Tuesday, April 26, 2016

FDA evaluating the safety of oral fluconazole in pregnancy.

In the light of new evidence linking oral fluconazole to miscarriages the FDA is currently reviewing the safety of oral fluconazole as a vaginal yeast infection treatment in pregnancy. This review comes in the wake of Danish study published in JAMA which reports abnormalities at birth when  oral fluconazole is taken in higher dose of 400-800 mg/day.

It was a Nationwide register-based cohort study in Denmark from 1997-2013. From a cohort of 1,405, 663 pregnancies, 3315 women were exposed to oral fluconazole from 7 through 22 weeks’ gestation. About 147 experienced a spontaneous abortion compared with 563 among 13,246 unexposed matched women (HR 1.48).

The current FDA drug label states that data available from studies in people do not suggest an increased risk of problems during pregnancy or abnormalities in developing babies when women are exposed to a single 150 mg dose of oral fluconazole to treat vaginal yeast infections.

FDA cautions the healthcare professionals about the use of this drug until the review is complete. The agency has previously classified it as  pregnancy class Dmeaning that there is evidence of risk to the fetus, but it may be used if the mother's condition is serious or life-threatening.

CDC guidelines also recommend only using topical antifungal products to treat pregnant women with vulvovaginal yeast infections, including for longer periods than usual if these infections persist or recur.

FDA is also urging people and researchers to report any untoward effects of the drug. It is also reviewing additional data related to the drug use in pregnancy.
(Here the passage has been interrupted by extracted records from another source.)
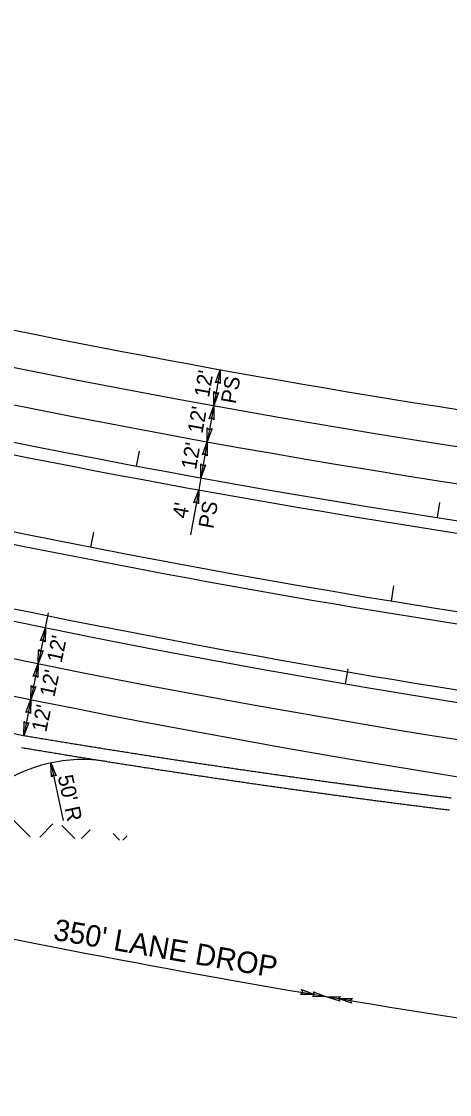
# Model space of a CAD drawing. Extents: x 2389099 to 2405615, y 552200 to 573532.
# Drawn here: x 2399152.7 to 2399293, y 552297.8 to 552649 of the extents above; entities that cross this region are included whole.
import ezdxf

# ---------------------------------------------------------------- set-up
doc = ezdxf.new("R2010")
doc.units = 0
for name, color, linetype in [('Old_Level_22', 7, 'Continuous'), ('Prop Cable Guiderail Double Face', 7, 'Continuous'), ('Prop Dimension', 7, 'Continuous'), ('Prop Dimension Text', 7, 'Continuous'), ('Prop EOT', 7, 'Continuous'), ('Prop Hatching', 7, 'Continuous'), ('Prop Horizontal Alignment', 7, 'Continuous'), ('Prop Horizontal Alignment Tick Small', 7, 'Continuous'), ('Prop Lane Lines', 7, 'Continuous')]:
    doc.layers.add(name, color=color, linetype=linetype)

msp = doc.modelspace()

# ---------------------------------------------------------------- linework, layer by layer
at = {"layer": 'Prop Cable Guiderail Double Face'}
msp.add_arc((2399806.57, 555716.05), 3304, 257.63644, 265.28379, dxfattribs=at)
at = {"layer": 'Prop Dimension'}
for p, q in [((2399217.86, 552535.06), (2399215.75, 552523.25)), ((2399215.75, 552523.25), (2399213.63, 552511.43)), ((2399213.63, 552511.43), (2399211.52, 552499.62)), ((2399211.52, 552499.62), (2399210.81, 552495.68)), ((2399210.81, 552495.68), (2399208.1, 552480.93)), ((2399160.62, 552450.59), (2399158.24, 552438.82)), ((2399158.24, 552438.82), (2399155.86, 552427.06)), ((2399155.86, 552427.06), (2399153.48, 552415.3)), ((2399162.35, 552406.3), (2399166.42, 552387.43))]:
    msp.add_line(p, q, dxfattribs=at)
for points in [[(2399216.3, 552530.77), (2399217.86, 552535.06), (2399217.85, 552530.46), (2399217.16, 552531.17)], [(2399217.3, 552527.54), (2399215.75, 552523.25), (2399215.76, 552527.84), (2399216.44, 552527.13)], [(2399214.19, 552518.95), (2399215.75, 552523.25), (2399215.74, 552518.65), (2399215.05, 552519.36)], [(2399215.19, 552515.73), (2399213.63, 552511.43), (2399213.64, 552516.03), (2399214.33, 552515.32)], [(2399212.08, 552507.14), (2399213.63, 552511.43), (2399213.62, 552506.84), (2399212.94, 552507.55)], [(2399213.08, 552503.91), (2399211.52, 552499.62), (2399211.53, 552504.22), (2399212.22, 552503.51)], [(2399209.24, 552491.4), (2399210.81, 552495.68), (2399210.78, 552491.09), (2399210.1, 552491.8)], [(2399158.97, 552446.33), (2399160.62, 552450.59), (2399160.51, 552445.99), (2399159.84, 552446.71)], [(2399159.89, 552443.08), (2399158.24, 552438.82), (2399158.35, 552443.42), (2399159.02, 552442.7)], [(2399156.59, 552434.57), (2399158.24, 552438.82), (2399158.13, 552434.23), (2399157.46, 552434.95)], [(2399157.51, 552431.32), (2399155.86, 552427.06), (2399155.97, 552431.66), (2399156.64, 552430.93)], [(2399154.21, 552422.81), (2399155.86, 552427.06), (2399155.75, 552422.47), (2399155.08, 552423.19)], [(2399155.13, 552419.56), (2399153.48, 552415.3), (2399153.59, 552419.9), (2399154.26, 552419.17)], [(2399162.54, 552401.74), (2399162.35, 552406.3), (2399164.09, 552402.04), (2399163.18, 552402.44)], [(2399244.52, 552332.11), (2399248.8, 552330.53), (2399244.2, 552330.57), (2399244.92, 552331.25)], [(2399248.4, 552331.39), (2399252.68, 552329.8), (2399248.09, 552329.84), (2399248.8, 552330.53)], [(2399257, 552328.31), (2399252.68, 552329.8), (2399257.28, 552329.86), (2399256.58, 552329.16)], [(2399260.9, 552327.69), (2399256.58, 552329.16), (2399261.17, 552329.25), (2399260.48, 552328.55)]]:
    msp.add_lwpolyline(points, close=True, dxfattribs=at)
msp.add_arc((2399820.18, 555707.47), 3424.97, 258.5517, 264.5865, dxfattribs=at)
at = {"layer": 'Prop EOT'}
for centre, radius, start, end in [((2399792.96, 555724.63), 3253, 240.16192, 265.26734), ((2399792.96, 555724.63), 3241, 256.84167, 265.26734), ((2399820.18, 555707.47), 3359, 249.83254, 258.5517), ((2399792.96, 555724.63), 3281, 256.78262, 265.26734), ((2399820.18, 555707.47), 3319, 256.69858, 263.72436), ((2399172.89, 552357.42), 50, 80.9773, 168.0231)]:
    msp.add_arc(centre, radius, start, end, dxfattribs=at)
for points in [[(2399153.48, 552415.3), (2399154.42, 552415.14), (2399155.36, 552414.99), (2399156.31, 552414.83), (2399157.25, 552414.67), (2399158.19, 552414.51), (2399159.14, 552414.36), (2399160.08, 552414.2), (2399161.03, 552414.05), (2399161.97, 552413.89), (2399162.91, 552413.73), (2399163.86, 552413.58), (2399164.8, 552413.43), (2399165.75, 552413.27), (2399166.69, 552413.12), (2399167.64, 552412.96), (2399168.58, 552412.81), (2399169.52, 552412.65), (2399170.47, 552412.5), (2399171.41, 552412.35), (2399172.36, 552412.2), (2399173.29, 552412.04), (2399174.24, 552411.89), (2399175.19, 552411.74), (2399176.13, 552411.59), (2399177.08, 552411.44), (2399178.02, 552411.29), (2399178.97, 552411.13), (2399179.91, 552410.98), (2399180.85, 552410.83), (2399181.8, 552410.68), (2399182.74, 552410.53), (2399183.69, 552410.38), (2399184.64, 552410.23), (2399185.58, 552410.09), (2399186.53, 552409.94), (2399187.46, 552409.79), (2399188.41, 552409.64), (2399189.36, 552409.49), (2399190.3, 552409.35), (2399191.25, 552409.2), (2399192.19, 552409.05), (2399193.14, 552408.9), (2399194.09, 552408.76), (2399195.03, 552408.61), (2399195.98, 552408.46), (2399196.92, 552408.32), (2399197.86, 552408.17), (2399198.81, 552408.03), (2399199.75, 552407.88), (2399200.7, 552407.74), (2399201.64, 552407.6), (2399202.59, 552407.45), (2399203.54, 552407.31), (2399204.48, 552407.16), (2399205.43, 552407.02), (2399206.37, 552406.88), (2399207.32, 552406.73), (2399208.26, 552406.59), (2399209.21, 552406.45), (2399210.16, 552406.31), (2399211.1, 552406.17), (2399212.05, 552406.03), (2399212.99, 552405.89), (2399213.94, 552405.74), (2399214.89, 552405.6), (2399215.83, 552405.46), (2399216.78, 552405.32), (2399217.72, 552405.18), (2399218.67, 552405.04), (2399219.62, 552404.9), (2399220.56, 552404.77), (2399221.51, 552404.63), (2399222.45, 552404.49), (2399223.4, 552404.35)], [(2399152.82, 552411.36), (2399153.76, 552411.2), (2399154.7, 552411.04), (2399155.65, 552410.88), (2399156.59, 552410.73), (2399157.54, 552410.57), (2399158.49, 552410.41), (2399159.43, 552410.26), (2399160.38, 552410.1), (2399161.32, 552409.94), (2399162.27, 552409.79), (2399163.21, 552409.63), (2399164.15, 552409.48), (2399165.1, 552409.32), (2399166.04, 552409.17), (2399166.99, 552409.01), (2399167.94, 552408.86), (2399168.88, 552408.71), (2399169.83, 552408.55), (2399170.77, 552408.4), (2399171.72, 552408.25), (2399172.66, 552408.09), (2399173.61, 552407.94), (2399174.56, 552407.79), (2399175.5, 552407.64), (2399176.45, 552407.49), (2399177.39, 552407.34), (2399178.33, 552407.18), (2399179.29, 552407.03), (2399180.23, 552406.88), (2399181.18, 552406.73), (2399182.12, 552406.58), (2399183.06, 552406.43), (2399184.01, 552406.28), (2399184.95, 552406.14), (2399185.9, 552405.99), (2399186.84, 552405.84), (2399187.79, 552405.69), (2399188.75, 552405.54), (2399189.69, 552405.39), (2399190.64, 552405.25), (2399191.58, 552405.1), (2399192.52, 552404.95), (2399193.48, 552404.8), (2399194.42, 552404.66), (2399195.37, 552404.51), (2399196.31, 552404.37), (2399197.26, 552404.22), (2399198.21, 552404.07), (2399199.15, 552403.93), (2399200.1, 552403.79), (2399201.04, 552403.64), (2399201.99, 552403.5), (2399202.94, 552403.35), (2399203.88, 552403.21), (2399204.83, 552403.07), (2399205.77, 552402.92), (2399206.72, 552402.78), (2399207.66, 552402.64), (2399208.61, 552402.49), (2399209.56, 552402.35), (2399210.51, 552402.21), (2399211.46, 552402.07), (2399212.4, 552401.93), (2399213.35, 552401.79), (2399214.3, 552401.65), (2399215.24, 552401.51), (2399216.19, 552401.37), (2399217.13, 552401.23), (2399218.08, 552401.09), (2399219.03, 552400.95), (2399219.98, 552400.81), (2399220.93, 552400.67), (2399221.87, 552400.53), (2399222.82, 552400.39)], [(2399223.4, 552404.35), (2399224.35, 552404.21), (2399225.29, 552404.08), (2399226.24, 552403.94), (2399227.18, 552403.8), (2399228.13, 552403.66), (2399229.08, 552403.53), (2399230.02, 552403.39), (2399230.97, 552403.25), (2399231.91, 552403.12), (2399232.86, 552402.98), (2399233.81, 552402.85), (2399234.75, 552402.71), (2399235.7, 552402.58), (2399236.64, 552402.45), (2399237.59, 552402.31), (2399238.54, 552402.18), (2399239.48, 552402.04), (2399240.43, 552401.91), (2399241.37, 552401.78), (2399242.32, 552401.65), (2399243.27, 552401.51), (2399244.22, 552401.38), (2399245.17, 552401.25), (2399246.11, 552401.12), (2399247.06, 552400.99), (2399248, 552400.86), (2399248.95, 552400.72), (2399249.9, 552400.59), (2399250.84, 552400.46), (2399251.79, 552400.33), (2399252.73, 552400.2), (2399253.68, 552400.07), (2399254.64, 552399.94), (2399255.58, 552399.82), (2399256.53, 552399.69), (2399257.47, 552399.56), (2399258.42, 552399.43), (2399259.37, 552399.3), (2399260.31, 552399.18), (2399261.26, 552399.05), (2399262.21, 552398.92), (2399263.16, 552398.79), (2399264.11, 552398.67), (2399265.05, 552398.54), (2399266, 552398.42), (2399266.94, 552398.29), (2399267.89, 552398.17), (2399268.84, 552398.04), (2399269.79, 552397.92), (2399270.74, 552397.79), (2399271.68, 552397.67), (2399272.63, 552397.54), (2399273.58, 552397.42), (2399274.52, 552397.3), (2399275.48, 552397.17), (2399276.42, 552397.05), (2399277.37, 552396.93), (2399278.31, 552396.8), (2399279.26, 552396.68), (2399280.21, 552396.56), (2399281.16, 552396.44), (2399282.11, 552396.32), (2399283.05, 552396.2), (2399284, 552396.08), (2399284.95, 552395.95), (2399285.9, 552395.84), (2399286.85, 552395.71), (2399287.79, 552395.6), (2399288.74, 552395.48), (2399289.69, 552395.36), (2399290.64, 552395.24), (2399291.59, 552395.12), (2399292.53, 552395), (2399293.48, 552394.88)], [(2399222.82, 552400.39), (2399223.77, 552400.25), (2399224.71, 552400.12), (2399225.66, 552399.98), (2399226.6, 552399.84), (2399227.55, 552399.7), (2399228.51, 552399.57), (2399229.45, 552399.43), (2399230.4, 552399.3), (2399231.34, 552399.16), (2399232.29, 552399.02), (2399233.25, 552398.89), (2399234.19, 552398.75), (2399235.14, 552398.62), (2399236.08, 552398.49), (2399237.03, 552398.35), (2399237.98, 552398.22), (2399238.92, 552398.08), (2399239.88, 552397.95), (2399240.82, 552397.82), (2399241.77, 552397.68), (2399242.71, 552397.55), (2399243.66, 552397.42), (2399244.62, 552397.29), (2399245.56, 552397.16), (2399246.51, 552397.02), (2399247.45, 552396.89), (2399248.4, 552396.76), (2399249.36, 552396.63), (2399250.3, 552396.5), (2399251.25, 552396.37), (2399252.19, 552396.24), (2399253.14, 552396.11), (2399254.1, 552395.98), (2399255.04, 552395.85), (2399255.99, 552395.72), (2399256.93, 552395.6), (2399257.88, 552395.47), (2399258.84, 552395.34), (2399259.78, 552395.21), (2399260.73, 552395.08), (2399261.67, 552394.96), (2399262.63, 552394.83), (2399263.58, 552394.7), (2399264.52, 552394.58), (2399265.47, 552394.45), (2399266.42, 552394.33), (2399267.37, 552394.2), (2399268.32, 552394.07), (2399269.26, 552393.95), (2399270.22, 552393.82), (2399271.16, 552393.7), (2399272.11, 552393.58), (2399273.06, 552393.45), (2399274.01, 552393.33), (2399274.96, 552393.2), (2399275.9, 552393.08), (2399276.86, 552392.96), (2399277.8, 552392.84), (2399278.75, 552392.71), (2399279.71, 552392.59), (2399280.65, 552392.47), (2399281.6, 552392.35), (2399282.54, 552392.23), (2399283.5, 552392.11), (2399284.45, 552391.99), (2399285.39, 552391.87), (2399286.35, 552391.75), (2399287.29, 552391.63), (2399288.24, 552391.51), (2399289.19, 552391.39), (2399290.14, 552391.27), (2399291.09, 552391.15), (2399292.04, 552391.03), (2399292.99, 552390.91)]]:
    msp.add_spline(points, degree=3, dxfattribs=at)
at = {"layer": 'Prop Hatching'}
for p, q in [((2399155.56, 552382.16), (2399149.95, 552387.77)), ((2399158.73, 552382.04), (2399163.03, 552386.34)), ((2399170.24, 552381.62), (2399165.99, 552385.87)), ((2399172.37, 552381.54), (2399175.22, 552384.4)), ((2399184.92, 552381.08), (2399182.82, 552383.19)), ((2399186.01, 552381.04), (2399187.42, 552382.45))]:
    msp.add_line(p, q, dxfattribs=at)
at = {"layer": 'Prop Horizontal Alignment'}
for centre, radius, start, end in [((2399792.96, 555724.63), 3277, 240.16192, 265.26734), ((2399806.57, 555716.05), 3300, 240.14547, 265.28379), ((2399820.18, 555707.47), 3323, 240.12925, 265.30001)]:
    msp.add_arc(centre, radius, start, end, dxfattribs=at)
at = {"layer": 'Prop Horizontal Alignment Tick Small'}
for p, q in [((2399190.46, 552503.49), (2399191.38, 552508.4)), ((2399289.02, 552486.61), (2399289.79, 552491.55)), ((2399175.53, 552476.95), (2399176.48, 552481.85)), ((2399273.95, 552459.31), (2399274.76, 552464.25)), ((2399160.62, 552450.59), (2399161.61, 552455.49)), ((2399258.92, 552432.21), (2399259.76, 552437.14))]:
    msp.add_line(p, q, dxfattribs=at)
at = {"layer": 'Prop Lane Lines'}
for centre, radius, start, end in [((2399792.96, 555724.63), 3265, 240.16192, 265.26734), ((2399820.18, 555707.47), 3335, 240.12925, 265.30001), ((2399820.18, 555707.47), 3347, 240.12925, 265.30001)]:
    msp.add_arc(centre, radius, start, end, dxfattribs=at)

# ---------------------------------------------------------------- texts
at = {"layer": 'Old_Level_22'}
msp.add_text("350' LANE DROP", height=7, rotation=350.2613, dxfattribs=at).set_placement((2399162.9, 552348.46))
at = {"layer": 'Prop Dimension Text'}
for s, rotation, p in [("12'", 79.8554, (2399214.16, 552525.73)), ('PS', 79.8554, (2399222.93, 552523.64)), ("12'", 79.8554, (2399212.04, 552513.91)), ("12'", 79.8554, (2399209.93, 552502.1)), ("4'", 79.5751, (2399207.02, 552486.1)), ('PS', 79.5751, (2399215.56, 552482.76)), ("12'", 78.0848, (2399165.88, 552438.86)), ("12'", 78.0848, (2399163.52, 552427.65)), ("12'", 78.0848, (2399160.86, 552416.2)), ("50' R", 282.1698, (2399164.61, 552401.86))]:
    msp.add_text(s, height=5, rotation=rotation, dxfattribs=at).set_placement(p)

doc.saveas('drawing.dxf')

In addition to its use as antifungal for vaginal yeast infection, it is also used to treat infection of mouth, and esophagus. fungal infection of the brain and spinal cord called cryptococcal meningitis.

References:

Mølgaard-Nielsen D, Svanström H, Melbye M, Hviid A, Pasternak B. Association Between Use of Oral Fluconazole During Pregnancy and Risk of Spontaneous Abortion and Stillbirth. JAMA. 2016;315(1):58-67. doi:10.1001/jama.2015.17844.